Background: Acute mountain sickness occurs in some unacclimatized persons who travel to terrestrial altitudes at which barometric pressures are the same as those in commercial aircraft during flight. Whether the effects are similar in air travelers is unknown.
Methods: We conducted a prospective, single-blind, controlled hypobaric-chamber study of adult volunteers to determine the effect of barometric pressures equivalent to terrestrial altitudes of 650, 4000, 6000, 7000, and 8000 ft (198, 1219, 1829, 2134, and 2438 m, respectively) above sea level on arterial oxygen saturation and the occurrence of acute mountain sickness and discomfort as measured by responses to the Environmental Symptoms Questionnaire IV during a 20-hour simulated flight.
Results: Among the 502 study participants, the mean oxygen saturation decreased with increasing altitude, with a maximum decrease of 4.4 percentage points (95% confidence interval, 3.9 to 4.9) at 8000 ft. Overall, acute mountain sickness occurred in 7.4% of the participants, but its frequency did not vary significantly among the altitudes studied. The frequency of reported discomfort increased with increasing altitude and decreasing oxygen saturation and was greater at 7000 to 8000 ft than at all the lower altitudes combined. Differences became apparent after 3 to 9 hours of exposure. Persons older than 60 years of age were less likely than younger persons and men were less likely than women to report discomfort. Four serious adverse events, 1 of which may have been related to the study exposures, and 15 adverse events, 9 of which were related to study exposures, were reported.

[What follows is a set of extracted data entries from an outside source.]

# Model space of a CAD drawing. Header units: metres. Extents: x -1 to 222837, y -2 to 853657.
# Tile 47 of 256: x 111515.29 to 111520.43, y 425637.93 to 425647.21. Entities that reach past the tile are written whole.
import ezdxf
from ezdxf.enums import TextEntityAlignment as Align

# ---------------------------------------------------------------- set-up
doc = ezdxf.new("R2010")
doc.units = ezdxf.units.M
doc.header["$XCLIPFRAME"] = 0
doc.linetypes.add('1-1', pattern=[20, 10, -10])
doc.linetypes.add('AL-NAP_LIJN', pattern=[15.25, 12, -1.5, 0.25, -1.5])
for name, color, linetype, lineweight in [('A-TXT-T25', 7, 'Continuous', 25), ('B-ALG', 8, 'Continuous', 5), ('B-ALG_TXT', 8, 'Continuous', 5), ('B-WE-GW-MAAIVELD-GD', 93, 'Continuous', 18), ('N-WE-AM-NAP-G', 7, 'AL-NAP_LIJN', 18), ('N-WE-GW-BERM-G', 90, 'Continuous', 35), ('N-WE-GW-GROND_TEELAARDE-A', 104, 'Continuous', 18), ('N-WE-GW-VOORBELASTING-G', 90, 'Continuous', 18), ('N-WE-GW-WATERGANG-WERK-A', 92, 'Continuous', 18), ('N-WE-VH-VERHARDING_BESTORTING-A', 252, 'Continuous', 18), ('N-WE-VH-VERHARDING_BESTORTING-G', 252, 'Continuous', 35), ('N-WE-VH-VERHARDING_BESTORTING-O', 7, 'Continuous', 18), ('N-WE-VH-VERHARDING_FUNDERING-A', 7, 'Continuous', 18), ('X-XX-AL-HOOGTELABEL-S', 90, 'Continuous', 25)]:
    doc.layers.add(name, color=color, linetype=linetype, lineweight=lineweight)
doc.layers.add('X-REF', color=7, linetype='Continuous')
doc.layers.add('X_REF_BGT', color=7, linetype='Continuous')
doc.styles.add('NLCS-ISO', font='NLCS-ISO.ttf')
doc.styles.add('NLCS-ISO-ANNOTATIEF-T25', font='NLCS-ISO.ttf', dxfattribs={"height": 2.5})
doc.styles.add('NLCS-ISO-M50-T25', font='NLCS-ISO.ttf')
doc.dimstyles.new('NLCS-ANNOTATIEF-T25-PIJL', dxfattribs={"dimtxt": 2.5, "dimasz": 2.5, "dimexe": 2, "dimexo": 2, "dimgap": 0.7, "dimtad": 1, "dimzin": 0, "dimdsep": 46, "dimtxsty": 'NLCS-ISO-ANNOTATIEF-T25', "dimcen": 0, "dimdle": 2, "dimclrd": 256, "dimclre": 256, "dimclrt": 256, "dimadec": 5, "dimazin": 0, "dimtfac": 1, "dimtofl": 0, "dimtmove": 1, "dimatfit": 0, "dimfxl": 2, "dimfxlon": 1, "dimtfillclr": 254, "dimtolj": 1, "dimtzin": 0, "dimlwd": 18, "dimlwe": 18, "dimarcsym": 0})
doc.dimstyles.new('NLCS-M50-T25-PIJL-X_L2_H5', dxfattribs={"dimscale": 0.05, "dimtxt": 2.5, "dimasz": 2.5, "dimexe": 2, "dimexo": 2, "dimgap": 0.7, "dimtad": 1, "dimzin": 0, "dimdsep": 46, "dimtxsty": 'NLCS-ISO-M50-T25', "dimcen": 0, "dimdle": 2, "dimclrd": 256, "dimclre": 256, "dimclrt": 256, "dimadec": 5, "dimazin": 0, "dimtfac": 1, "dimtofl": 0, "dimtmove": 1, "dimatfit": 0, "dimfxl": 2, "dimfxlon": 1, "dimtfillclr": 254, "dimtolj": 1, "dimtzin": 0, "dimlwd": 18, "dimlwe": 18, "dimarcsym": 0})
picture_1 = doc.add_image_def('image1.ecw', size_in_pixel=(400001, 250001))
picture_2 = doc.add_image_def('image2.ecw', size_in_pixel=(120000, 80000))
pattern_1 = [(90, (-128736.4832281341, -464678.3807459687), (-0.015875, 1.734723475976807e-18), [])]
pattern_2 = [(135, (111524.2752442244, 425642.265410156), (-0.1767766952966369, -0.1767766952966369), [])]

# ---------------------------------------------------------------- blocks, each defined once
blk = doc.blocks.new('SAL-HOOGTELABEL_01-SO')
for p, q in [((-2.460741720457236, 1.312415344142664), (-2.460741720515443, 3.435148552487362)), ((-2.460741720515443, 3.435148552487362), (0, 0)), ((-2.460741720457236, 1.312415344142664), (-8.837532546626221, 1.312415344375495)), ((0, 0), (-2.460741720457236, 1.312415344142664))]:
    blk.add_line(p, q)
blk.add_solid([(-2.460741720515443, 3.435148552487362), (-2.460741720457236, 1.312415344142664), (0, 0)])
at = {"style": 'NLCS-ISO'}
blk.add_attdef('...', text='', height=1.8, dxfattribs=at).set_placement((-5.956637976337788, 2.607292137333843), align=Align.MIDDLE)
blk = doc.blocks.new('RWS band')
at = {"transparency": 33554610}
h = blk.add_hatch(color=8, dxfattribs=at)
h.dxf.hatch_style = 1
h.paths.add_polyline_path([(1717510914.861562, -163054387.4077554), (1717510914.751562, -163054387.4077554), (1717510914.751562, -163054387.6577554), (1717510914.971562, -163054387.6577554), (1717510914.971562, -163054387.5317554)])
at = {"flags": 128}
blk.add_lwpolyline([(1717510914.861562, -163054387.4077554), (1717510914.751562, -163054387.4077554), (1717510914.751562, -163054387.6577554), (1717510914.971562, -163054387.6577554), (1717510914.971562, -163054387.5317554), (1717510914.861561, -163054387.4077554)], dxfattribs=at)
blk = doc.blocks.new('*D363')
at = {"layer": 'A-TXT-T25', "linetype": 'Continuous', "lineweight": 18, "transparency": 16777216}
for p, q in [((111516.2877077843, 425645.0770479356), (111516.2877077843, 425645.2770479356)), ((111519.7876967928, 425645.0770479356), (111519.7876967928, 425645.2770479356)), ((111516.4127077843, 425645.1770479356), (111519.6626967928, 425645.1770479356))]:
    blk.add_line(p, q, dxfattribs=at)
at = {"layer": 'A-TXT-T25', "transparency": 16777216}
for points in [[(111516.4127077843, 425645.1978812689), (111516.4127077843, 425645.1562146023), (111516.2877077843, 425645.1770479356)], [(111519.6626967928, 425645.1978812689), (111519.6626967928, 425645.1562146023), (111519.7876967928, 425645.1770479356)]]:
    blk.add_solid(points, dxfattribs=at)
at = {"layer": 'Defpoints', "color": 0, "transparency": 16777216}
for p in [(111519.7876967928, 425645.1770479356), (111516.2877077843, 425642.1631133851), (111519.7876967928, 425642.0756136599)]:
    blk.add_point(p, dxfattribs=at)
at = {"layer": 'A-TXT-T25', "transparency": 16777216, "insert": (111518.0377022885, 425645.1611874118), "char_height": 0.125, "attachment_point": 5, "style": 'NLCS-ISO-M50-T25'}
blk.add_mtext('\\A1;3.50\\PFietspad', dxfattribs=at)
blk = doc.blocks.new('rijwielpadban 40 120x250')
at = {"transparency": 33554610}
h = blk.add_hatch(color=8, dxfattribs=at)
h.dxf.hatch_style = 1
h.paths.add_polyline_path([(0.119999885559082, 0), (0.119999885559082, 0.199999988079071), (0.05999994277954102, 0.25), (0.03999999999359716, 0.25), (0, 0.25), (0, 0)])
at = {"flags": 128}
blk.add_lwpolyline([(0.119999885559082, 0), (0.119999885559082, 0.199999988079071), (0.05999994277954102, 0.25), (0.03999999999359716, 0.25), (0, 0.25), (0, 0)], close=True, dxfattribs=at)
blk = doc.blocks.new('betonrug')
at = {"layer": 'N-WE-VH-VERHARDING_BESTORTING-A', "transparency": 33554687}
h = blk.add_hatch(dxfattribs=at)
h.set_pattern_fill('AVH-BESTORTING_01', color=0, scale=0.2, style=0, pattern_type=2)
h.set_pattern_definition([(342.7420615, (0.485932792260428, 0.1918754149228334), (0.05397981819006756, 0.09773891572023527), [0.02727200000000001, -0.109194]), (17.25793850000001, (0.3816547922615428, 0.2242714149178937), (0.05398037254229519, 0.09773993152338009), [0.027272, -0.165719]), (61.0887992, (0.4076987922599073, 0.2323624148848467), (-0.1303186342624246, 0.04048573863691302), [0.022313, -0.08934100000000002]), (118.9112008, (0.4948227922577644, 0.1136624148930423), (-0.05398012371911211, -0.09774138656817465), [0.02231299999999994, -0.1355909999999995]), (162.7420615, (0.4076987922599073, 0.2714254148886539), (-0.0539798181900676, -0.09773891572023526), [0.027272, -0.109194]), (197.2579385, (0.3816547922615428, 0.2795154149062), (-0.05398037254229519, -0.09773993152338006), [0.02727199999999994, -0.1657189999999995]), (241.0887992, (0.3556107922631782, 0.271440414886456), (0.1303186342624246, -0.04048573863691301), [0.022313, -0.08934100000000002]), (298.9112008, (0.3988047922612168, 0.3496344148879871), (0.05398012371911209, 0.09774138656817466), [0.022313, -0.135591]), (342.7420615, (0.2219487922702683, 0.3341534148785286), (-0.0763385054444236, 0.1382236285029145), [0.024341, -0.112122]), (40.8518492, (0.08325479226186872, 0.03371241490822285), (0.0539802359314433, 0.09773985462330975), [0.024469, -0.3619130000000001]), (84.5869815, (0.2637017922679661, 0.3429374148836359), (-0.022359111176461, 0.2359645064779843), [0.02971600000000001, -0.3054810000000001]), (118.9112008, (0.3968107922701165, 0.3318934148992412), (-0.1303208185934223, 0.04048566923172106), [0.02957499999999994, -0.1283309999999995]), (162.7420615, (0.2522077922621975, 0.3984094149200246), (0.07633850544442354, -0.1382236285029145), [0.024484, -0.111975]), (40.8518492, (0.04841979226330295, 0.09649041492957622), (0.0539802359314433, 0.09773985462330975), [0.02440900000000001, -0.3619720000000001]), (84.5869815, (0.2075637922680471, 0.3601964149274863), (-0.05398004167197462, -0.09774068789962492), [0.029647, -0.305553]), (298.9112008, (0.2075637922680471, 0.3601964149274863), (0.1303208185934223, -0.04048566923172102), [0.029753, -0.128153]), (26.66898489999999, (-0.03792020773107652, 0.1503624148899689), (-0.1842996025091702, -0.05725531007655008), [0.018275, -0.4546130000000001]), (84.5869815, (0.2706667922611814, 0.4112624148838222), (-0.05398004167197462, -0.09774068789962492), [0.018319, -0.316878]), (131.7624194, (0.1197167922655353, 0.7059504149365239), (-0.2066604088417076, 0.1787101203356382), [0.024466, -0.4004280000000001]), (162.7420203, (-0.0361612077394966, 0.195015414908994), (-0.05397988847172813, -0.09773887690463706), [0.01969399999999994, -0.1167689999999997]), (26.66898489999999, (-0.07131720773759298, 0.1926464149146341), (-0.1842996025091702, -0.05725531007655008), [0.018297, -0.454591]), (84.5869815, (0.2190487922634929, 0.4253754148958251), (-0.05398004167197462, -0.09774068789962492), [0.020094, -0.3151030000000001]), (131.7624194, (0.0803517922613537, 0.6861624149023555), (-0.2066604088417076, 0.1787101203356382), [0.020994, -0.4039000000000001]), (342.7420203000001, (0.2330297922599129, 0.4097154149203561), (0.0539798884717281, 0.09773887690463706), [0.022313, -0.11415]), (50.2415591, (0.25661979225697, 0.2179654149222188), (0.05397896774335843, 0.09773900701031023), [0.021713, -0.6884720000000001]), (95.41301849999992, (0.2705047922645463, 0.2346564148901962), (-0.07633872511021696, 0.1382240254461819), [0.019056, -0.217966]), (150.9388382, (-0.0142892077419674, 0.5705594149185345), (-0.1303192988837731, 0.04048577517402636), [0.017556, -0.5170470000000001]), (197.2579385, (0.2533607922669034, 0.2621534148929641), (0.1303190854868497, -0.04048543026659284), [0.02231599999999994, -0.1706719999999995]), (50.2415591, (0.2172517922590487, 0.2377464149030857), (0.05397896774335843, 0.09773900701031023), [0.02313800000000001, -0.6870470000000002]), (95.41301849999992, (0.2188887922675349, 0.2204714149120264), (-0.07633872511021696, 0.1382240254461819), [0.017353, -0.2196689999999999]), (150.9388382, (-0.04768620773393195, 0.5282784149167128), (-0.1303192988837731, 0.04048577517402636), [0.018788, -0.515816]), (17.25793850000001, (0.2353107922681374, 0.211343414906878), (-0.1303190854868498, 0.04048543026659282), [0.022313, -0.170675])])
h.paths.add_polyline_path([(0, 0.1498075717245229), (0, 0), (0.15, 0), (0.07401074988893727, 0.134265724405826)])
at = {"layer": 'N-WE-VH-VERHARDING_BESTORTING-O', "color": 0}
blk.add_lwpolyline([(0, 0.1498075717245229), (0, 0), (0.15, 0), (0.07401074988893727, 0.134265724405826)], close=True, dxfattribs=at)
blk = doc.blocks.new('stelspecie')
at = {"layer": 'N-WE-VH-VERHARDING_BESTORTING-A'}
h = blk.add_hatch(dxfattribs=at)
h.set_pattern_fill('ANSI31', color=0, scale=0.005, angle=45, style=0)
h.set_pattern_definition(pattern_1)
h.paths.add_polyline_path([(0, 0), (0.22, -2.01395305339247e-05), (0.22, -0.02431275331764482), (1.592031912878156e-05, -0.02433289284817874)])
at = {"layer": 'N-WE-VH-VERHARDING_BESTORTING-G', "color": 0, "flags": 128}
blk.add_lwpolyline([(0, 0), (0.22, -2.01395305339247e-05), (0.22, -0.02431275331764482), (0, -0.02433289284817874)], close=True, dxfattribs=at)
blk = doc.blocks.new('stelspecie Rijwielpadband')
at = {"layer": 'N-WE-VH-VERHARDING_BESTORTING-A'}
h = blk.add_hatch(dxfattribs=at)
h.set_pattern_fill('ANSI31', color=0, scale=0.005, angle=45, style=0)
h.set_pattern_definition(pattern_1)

Conclusions: Ascent from ground level to the conditions of 7000 to 8000 ft lowered oxygen saturation by approximately 4 percentage points. This level of hypoxemia was insufficient to affect the occurrence of acute mountain sickness but did contribute to the increased frequency of reports of discomfort in unacclimatized participants after 3 to 9 hours. (ClinicalTrials.gov number, NCT00326703 [ClinicalTrials.gov].).